Diplomatic hotshot Richard Holbrooke's call for a fourth US-China Communique, "one that would address ... new issues and update the relationship based on new realism," was not well received in Washington this week.
Not needed, said the US State Department's Richard Boucher. "The framework, the existing framework, we think allows us to pursue the goals we need to pursue with China and we will stick with that for the moment," Boucher declared. "We're looking for candid, constructive and cooperative relations with China, but we do continue to build on areas of cooperation and common interests, like the fight against terrorism, as well as addressing our differences with the Chinese," Boucher noted. "We frankly think the current framework of our relationship allows us to pursue these goals, and we will continue to use that framework as we move forward."
In his Washington Post op-ed piece on Tuesday, Holbrooke declared that the "Sino-American relationship will be the most important bilateral relationship in the world during the next cycle of history, much as the US-Soviet relationship dominated world affairs for most of the last half of the 20th century. Getting it right is vital for our national interests."
"The relationship with China," Holbrooke concludes, "despite many ties, is not inherently stable; too many things lie beneath the surface that could disrupt it."
A new communique might not be sufficient to prevent a future confrontation -- it could explode over events in Tibet or Taiwan in any case -- but it would go a long way toward building a stronger relationship with China and would perhaps help Taiwan open a more productive dialogue across the Strait.
"It's true that the old communiques don't quite fit the present but to try to negotiate a new one would be more destabilizing," stated Ralph Clough, senior China specialist at the School of Advanced International Studies.
The op-ed piece "shows Holbrooke just doesn't understand Asia that well," said Mark Pratt, former State Department official with extensive experience in Taiwan and China. In US negotiations with the Chinese, Pratt said, "we find we try to get something and we end up giving something. We do try to give something to the Chinese on the verbal side, believing that it makes no difference in policy. But for the Chinese, if the words change, then the policies must change as well.
Pratt gave the controversial 1982 Communique as an example. "It was totally unworkable," he said. "The words were written to please the Chinese but they could not be implemented." Pratt also criticized Holbrooke as "very one sided" because of his tendency to recommend what Taiwan should do to reassure Beijing and not be forthcoming about what China should do to assure Taiwan.
Finally Pratt noted that the suggestion couldn't have come at more difficult time for negotiations with China, as China moves through a leadership transition. "Sensible actions and statements will be all the harder to come by," Pratt believes, "at this time when, particularly on the Taiwan question, leaders will have to show they are purer than the pure." All the hardliners will roll in to vote and while it "looks like [Chinese President] Jiang Zemin (
The timing, Pratt said, "is as bad as having the Kaohsiung rally [in 1979] at the time when all the old KMT heavies were meeting in Yangmingshan. Let the leadership battle clear," Pratt suggests, "and then try to get something more stable in the relationship."

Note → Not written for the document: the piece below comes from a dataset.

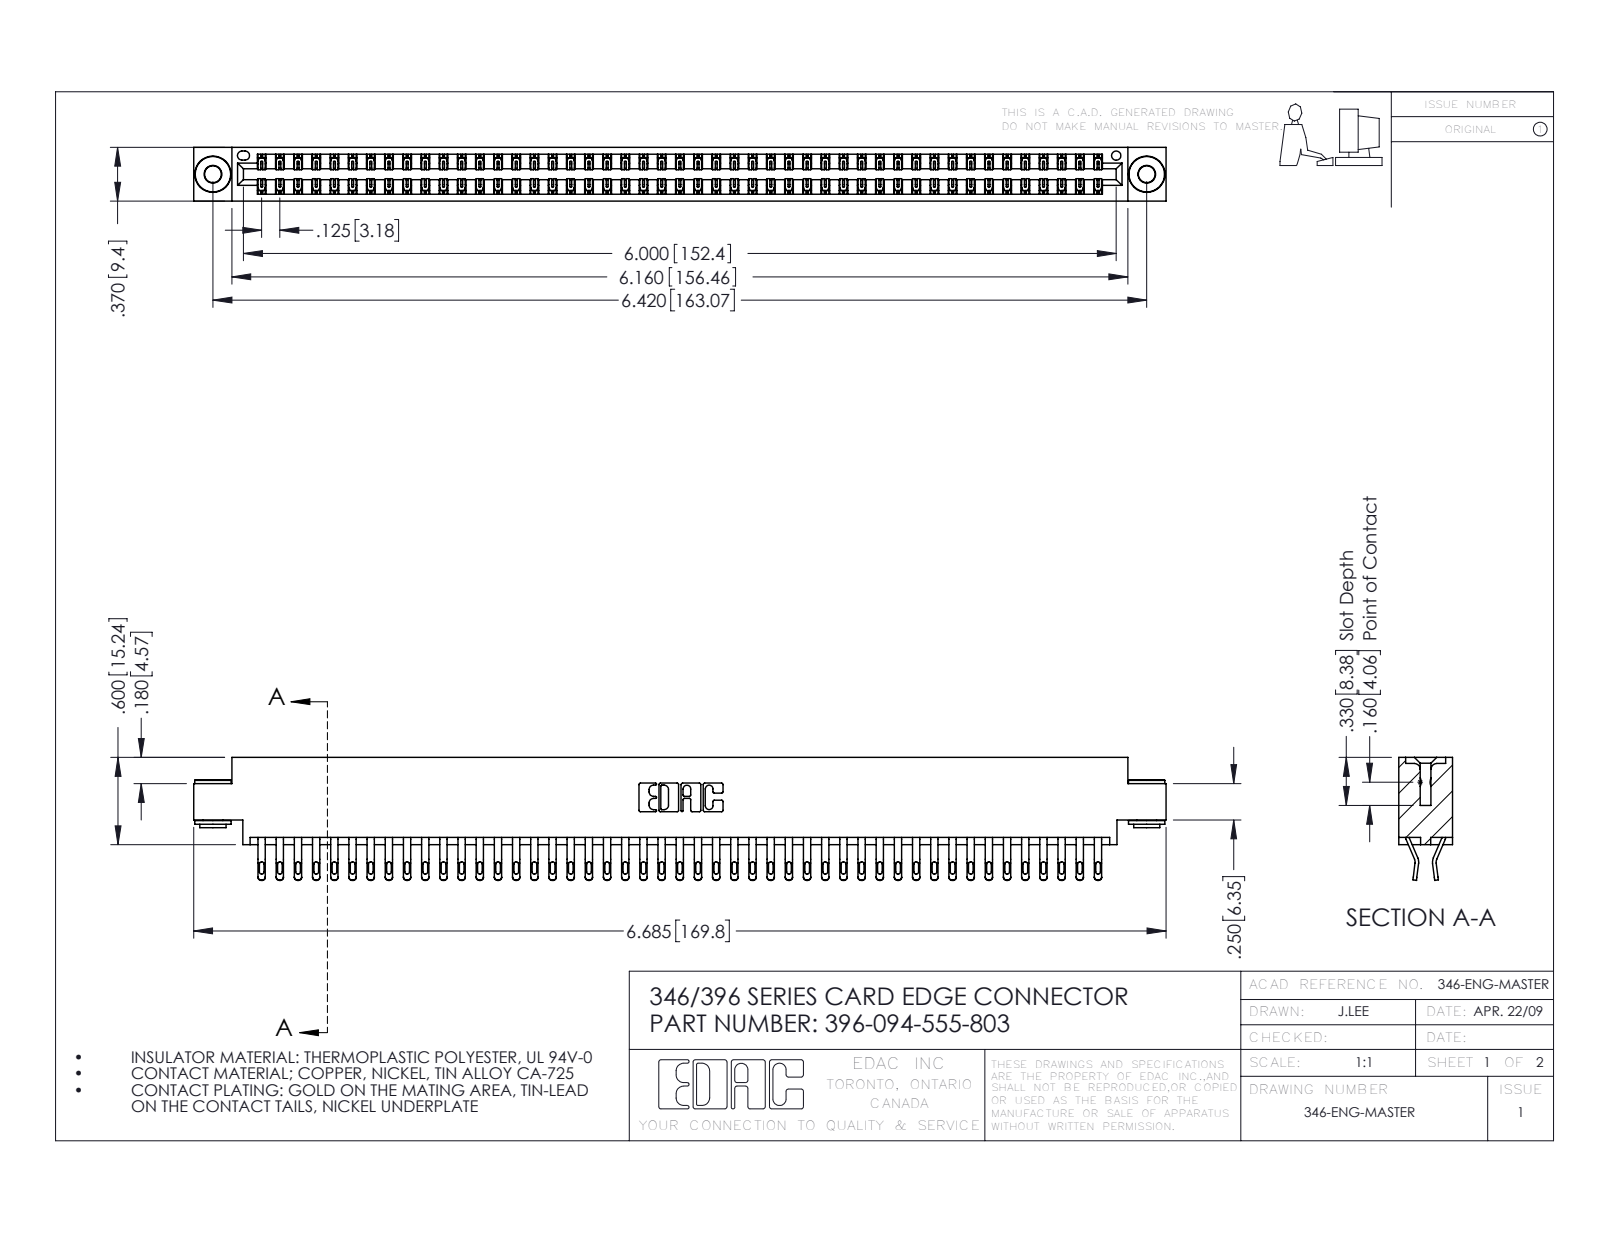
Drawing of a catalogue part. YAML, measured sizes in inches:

Jay Chen of the Central News Agency quotes Nancy Bernkopf Tucker, Georgetown University history professor who has written extensively on US negotiations with China, as saying that Beijing "would find that the things the Chinese want most are the things we are least prepared to give," particularly on the Taiwan issue.
A story Jim Mann, author of About Face: A History of America's Curious Relationship with China, from Nixon to Clinton, tells about Holbrooke when he was Assistant Secretary of State for East Asian and Pacific Affairs during the Carter Administration highlights Holbrooke's long-standing concern about the US relationship with China.
"Richard Holbrooke and [Assistant Secretary of State for Human Rights] Pat Derian had a brawl over the human rights report for China," Mann quotes Stephen Cohen, an aide to Derian, as reporting. This was the first such report and came in 1980 after the destruction of the Democracy Wall movement by Chinese president Deng Xiaoping (鄧小平). "He [Holbrooke] tried to understate human rights issues, because we had a new relationship with China, and he didn't want to offend China."
While Holbrooke's recent op-ed piece warns that "the United States should not be lured into assisting undemocratic practices or anti-Tibetan actions inside China," the theme of a strong relationship with China remains the core of his vision.
The crisis provoked by the events of Sept. 11 might well provide new opportunities in the US relationship with China, but the old challenges still remain. Peace in East Asia and the security of Taiwan still stand as core issues. So far, no Washington voices have been raised in agreement with Holbrooke that a new US-China Communique would really meet these challenges.
Michael J. Fonte is senior policy analyst at the Formosan Association for Public Affairs.